---------- Supplied records
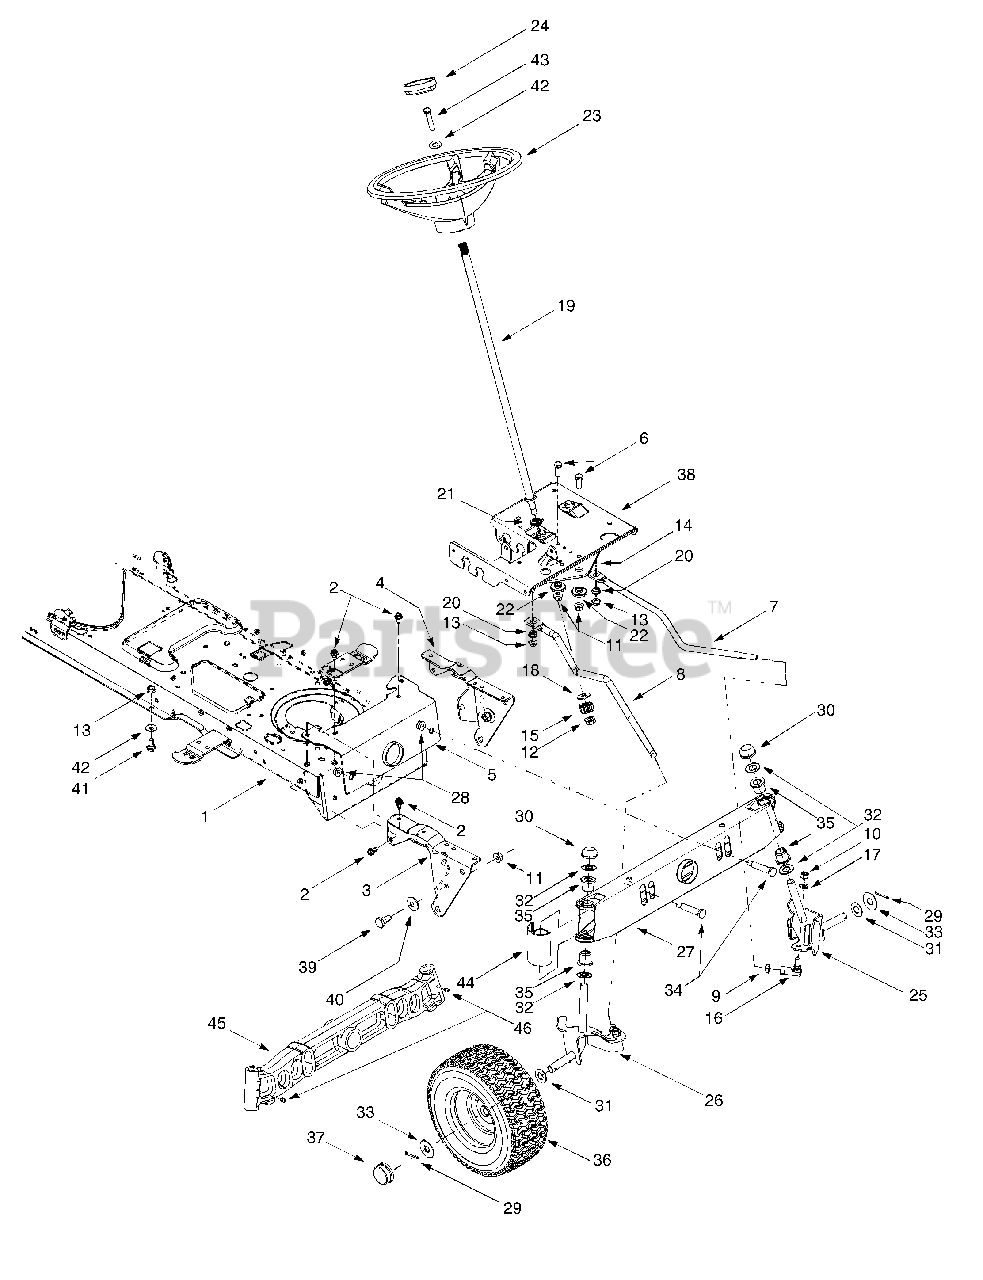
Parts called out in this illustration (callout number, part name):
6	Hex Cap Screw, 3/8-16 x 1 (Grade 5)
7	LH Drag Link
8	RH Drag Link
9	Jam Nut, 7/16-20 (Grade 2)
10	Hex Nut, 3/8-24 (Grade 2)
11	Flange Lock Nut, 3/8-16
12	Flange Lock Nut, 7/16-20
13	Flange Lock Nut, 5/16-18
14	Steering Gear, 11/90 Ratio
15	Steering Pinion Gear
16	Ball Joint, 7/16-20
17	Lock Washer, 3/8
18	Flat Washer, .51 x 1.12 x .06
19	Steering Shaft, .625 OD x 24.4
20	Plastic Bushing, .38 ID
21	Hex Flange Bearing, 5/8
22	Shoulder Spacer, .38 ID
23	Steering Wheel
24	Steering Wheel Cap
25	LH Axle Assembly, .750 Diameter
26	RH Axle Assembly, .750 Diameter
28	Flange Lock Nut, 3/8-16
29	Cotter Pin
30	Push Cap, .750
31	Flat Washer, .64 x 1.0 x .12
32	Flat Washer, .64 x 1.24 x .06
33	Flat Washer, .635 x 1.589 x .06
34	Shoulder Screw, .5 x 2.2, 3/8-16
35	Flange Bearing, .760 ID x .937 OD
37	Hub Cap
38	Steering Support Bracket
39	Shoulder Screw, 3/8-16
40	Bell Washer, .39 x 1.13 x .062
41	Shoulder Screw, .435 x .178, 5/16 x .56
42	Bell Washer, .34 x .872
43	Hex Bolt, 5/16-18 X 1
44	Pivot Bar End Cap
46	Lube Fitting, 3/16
--------------------
• _What is required_: Go through the records above and, whenever a line includes the word "Assembly", copy it.

• _Problem solution_:
25	LH Axle Assembly, .750 Diameter
26	RH Axle Assembly, .750 Diameter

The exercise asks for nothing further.